Cuando anoche le dije a mi marido que iba a escribir este artículo, se explayó un poco en sus pensamientos. Dijo: «Ya te tenemos a ti. Cuando los hombres salen contigo o se casan contigo, ya sabemos lo poco sexy que puedes ser a veces y sabemos lo preciosa que eres en todas tus formas. No hay razón para que te sientas insegura a nuestro lado».

Sus palabras: «Ya te tenemos» resonaban en mi cabeza. Esto me resonó mucho porque a menudo siento que tengo que seguir siendo perfecta para su amor, pero es todo lo contrario. A menudo, cuando somos más imperfectos es cuando más nos quieren. Como todas las veces que estoy llorando como un bebé, con todo el maquillaje corriendo por mi cara, y él me mira con esos ojos que no juzgan, sólo amor puro. O las veces en las que tengo el pelo recogido en un moño desordenado, relajándome en el sofá con mi camisa vieja y raída cuando él llega a casa del trabajo… hey, qué sexy.

No me malinterpretes, sigo queriendo arreglarme, estar guapa y cuidarme, pero al fin y al cabo tiene que ser para MÍ, no para él. Los hombres se sienten mucho más atraídos por nosotras cuando somos dueñas de lo que somos, amamos cada parte de nosotras, incluso los momentos en que nos sentimos más feas e inseguras. Ellos no pueden ser los que nos «arreglen». Somos nosotras las que tenemos que mirarnos al espejo y decir: «Vale, esto es hoy y esto es suficiente. Soy suficiente».

Nuestras voces internas de desánimo y miedo e inseguridad seguirán estando ahí, pero a medida que nos centremos más en la amplitud que hay en nosotros mismos y nos centremos en la belleza que tenemos dentro, entonces las voces empezarán a desvanecerse en el fondo.

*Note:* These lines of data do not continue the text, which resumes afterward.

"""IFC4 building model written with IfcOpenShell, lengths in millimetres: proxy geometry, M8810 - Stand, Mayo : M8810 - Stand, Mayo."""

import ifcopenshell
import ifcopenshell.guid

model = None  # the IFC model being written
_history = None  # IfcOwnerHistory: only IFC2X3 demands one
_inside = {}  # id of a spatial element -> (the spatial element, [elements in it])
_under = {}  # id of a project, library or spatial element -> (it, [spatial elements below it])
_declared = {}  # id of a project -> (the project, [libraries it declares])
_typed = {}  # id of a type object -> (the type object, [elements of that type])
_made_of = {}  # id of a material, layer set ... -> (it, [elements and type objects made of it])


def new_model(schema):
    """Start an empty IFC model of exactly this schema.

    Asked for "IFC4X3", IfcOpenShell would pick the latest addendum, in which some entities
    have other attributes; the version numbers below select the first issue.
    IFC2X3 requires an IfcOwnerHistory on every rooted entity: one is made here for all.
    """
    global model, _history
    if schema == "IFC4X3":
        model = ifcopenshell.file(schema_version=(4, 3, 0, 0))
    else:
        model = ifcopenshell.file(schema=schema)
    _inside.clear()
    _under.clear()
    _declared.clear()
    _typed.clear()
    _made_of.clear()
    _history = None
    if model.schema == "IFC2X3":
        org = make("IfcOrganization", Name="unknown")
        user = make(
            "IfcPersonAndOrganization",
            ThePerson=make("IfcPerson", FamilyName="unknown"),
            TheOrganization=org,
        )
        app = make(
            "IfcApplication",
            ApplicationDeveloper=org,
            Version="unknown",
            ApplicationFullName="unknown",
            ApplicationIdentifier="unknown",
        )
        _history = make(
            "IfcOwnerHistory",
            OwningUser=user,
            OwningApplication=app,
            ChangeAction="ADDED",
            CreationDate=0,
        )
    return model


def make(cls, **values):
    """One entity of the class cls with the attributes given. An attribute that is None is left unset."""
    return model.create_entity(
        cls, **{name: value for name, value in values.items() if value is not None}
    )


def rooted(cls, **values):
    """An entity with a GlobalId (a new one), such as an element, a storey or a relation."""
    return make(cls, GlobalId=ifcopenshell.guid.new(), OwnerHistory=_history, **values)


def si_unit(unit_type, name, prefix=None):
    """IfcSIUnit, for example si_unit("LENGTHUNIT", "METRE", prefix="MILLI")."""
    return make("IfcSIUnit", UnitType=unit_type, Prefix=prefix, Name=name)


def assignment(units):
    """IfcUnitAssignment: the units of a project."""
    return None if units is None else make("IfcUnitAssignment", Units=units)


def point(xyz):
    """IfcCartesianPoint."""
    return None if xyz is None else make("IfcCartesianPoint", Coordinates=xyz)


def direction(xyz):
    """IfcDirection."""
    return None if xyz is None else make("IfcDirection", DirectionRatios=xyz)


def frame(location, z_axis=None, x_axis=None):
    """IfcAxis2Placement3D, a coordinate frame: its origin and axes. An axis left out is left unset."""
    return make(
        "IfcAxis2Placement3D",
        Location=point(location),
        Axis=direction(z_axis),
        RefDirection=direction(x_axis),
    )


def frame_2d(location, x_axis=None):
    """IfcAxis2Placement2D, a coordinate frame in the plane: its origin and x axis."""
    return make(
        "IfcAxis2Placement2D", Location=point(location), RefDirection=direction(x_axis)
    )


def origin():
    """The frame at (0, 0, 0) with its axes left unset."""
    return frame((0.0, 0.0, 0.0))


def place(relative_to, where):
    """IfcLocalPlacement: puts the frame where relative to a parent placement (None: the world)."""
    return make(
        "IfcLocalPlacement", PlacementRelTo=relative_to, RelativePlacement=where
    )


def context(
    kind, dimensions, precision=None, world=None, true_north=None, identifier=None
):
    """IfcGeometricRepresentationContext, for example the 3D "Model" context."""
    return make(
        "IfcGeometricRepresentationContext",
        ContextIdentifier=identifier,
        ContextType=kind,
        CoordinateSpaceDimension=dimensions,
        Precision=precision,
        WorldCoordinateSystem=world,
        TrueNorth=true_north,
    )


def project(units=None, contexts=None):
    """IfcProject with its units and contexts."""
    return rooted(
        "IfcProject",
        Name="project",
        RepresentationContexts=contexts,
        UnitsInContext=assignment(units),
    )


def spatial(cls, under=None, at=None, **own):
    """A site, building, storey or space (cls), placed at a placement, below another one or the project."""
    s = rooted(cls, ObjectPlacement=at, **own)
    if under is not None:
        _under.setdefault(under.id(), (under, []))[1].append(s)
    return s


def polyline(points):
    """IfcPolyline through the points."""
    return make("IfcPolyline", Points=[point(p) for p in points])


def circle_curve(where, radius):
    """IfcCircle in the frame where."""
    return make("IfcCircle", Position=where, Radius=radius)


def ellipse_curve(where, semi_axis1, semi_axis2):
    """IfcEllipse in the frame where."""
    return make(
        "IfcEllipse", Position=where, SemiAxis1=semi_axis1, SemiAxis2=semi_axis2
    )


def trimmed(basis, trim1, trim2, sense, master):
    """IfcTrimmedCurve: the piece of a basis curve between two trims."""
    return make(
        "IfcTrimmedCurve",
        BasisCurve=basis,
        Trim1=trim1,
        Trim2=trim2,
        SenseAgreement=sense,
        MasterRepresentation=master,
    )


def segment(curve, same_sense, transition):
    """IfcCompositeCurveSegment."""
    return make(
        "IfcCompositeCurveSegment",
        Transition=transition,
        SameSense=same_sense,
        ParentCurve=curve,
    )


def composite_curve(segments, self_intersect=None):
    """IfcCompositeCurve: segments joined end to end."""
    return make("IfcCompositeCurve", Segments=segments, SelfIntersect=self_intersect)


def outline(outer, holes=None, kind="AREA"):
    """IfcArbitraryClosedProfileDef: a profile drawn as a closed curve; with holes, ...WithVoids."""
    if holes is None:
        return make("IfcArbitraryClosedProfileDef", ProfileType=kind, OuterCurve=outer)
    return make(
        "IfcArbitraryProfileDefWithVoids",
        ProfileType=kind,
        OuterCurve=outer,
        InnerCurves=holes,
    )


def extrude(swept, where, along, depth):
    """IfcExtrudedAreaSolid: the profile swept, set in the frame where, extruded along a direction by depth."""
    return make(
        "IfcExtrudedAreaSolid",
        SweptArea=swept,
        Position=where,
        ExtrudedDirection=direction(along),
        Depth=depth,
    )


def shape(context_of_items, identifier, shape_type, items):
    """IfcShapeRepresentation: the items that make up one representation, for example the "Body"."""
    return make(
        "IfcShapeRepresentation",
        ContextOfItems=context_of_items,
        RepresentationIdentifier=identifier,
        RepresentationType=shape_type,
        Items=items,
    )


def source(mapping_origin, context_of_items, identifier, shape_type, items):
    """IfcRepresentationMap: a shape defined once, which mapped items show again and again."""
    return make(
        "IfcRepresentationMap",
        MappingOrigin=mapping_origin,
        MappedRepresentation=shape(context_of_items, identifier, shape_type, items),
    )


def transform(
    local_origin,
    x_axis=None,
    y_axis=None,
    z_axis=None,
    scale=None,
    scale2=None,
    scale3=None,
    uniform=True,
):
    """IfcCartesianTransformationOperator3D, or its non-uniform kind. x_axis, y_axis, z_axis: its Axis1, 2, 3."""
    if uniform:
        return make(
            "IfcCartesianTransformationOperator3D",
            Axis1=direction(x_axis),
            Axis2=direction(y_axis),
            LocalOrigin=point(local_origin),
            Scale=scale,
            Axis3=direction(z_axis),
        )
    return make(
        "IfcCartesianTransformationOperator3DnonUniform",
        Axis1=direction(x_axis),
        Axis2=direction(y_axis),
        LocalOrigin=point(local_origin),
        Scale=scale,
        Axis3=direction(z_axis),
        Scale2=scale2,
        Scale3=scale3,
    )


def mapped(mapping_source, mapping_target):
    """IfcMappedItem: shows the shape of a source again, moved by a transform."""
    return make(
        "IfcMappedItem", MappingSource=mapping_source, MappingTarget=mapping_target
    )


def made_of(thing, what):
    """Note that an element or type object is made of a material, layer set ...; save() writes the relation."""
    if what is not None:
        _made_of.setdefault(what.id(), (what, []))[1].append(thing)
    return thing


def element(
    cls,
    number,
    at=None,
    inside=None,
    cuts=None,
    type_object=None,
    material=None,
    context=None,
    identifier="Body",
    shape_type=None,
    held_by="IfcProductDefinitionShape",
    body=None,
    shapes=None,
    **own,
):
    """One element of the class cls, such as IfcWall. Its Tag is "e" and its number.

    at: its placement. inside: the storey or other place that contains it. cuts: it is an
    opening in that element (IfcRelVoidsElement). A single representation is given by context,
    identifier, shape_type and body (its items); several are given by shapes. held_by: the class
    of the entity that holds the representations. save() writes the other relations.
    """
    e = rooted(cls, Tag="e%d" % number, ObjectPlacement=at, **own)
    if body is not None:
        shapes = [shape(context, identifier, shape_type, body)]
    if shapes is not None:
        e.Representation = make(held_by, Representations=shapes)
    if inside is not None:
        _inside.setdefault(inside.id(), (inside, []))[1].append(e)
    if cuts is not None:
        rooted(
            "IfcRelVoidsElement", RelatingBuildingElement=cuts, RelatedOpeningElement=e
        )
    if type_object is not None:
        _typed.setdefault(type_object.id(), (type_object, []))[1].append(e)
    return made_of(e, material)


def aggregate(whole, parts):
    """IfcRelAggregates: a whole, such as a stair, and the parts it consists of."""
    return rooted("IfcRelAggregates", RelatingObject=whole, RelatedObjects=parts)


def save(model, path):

Aunque esto puede ser lo último que se desprende de los hombres, también debería ser lo último que se desprende de las mujeres. Cuando el sentimiento de inseguridad empiece a surgir dentro de ti, sonríe. Sabe que eres 100% humana y 0% de las mentiras que nos decimos a nosotros mismos. Incluso puedes reírte un poco sabiendo que eres todo tipo de belleza.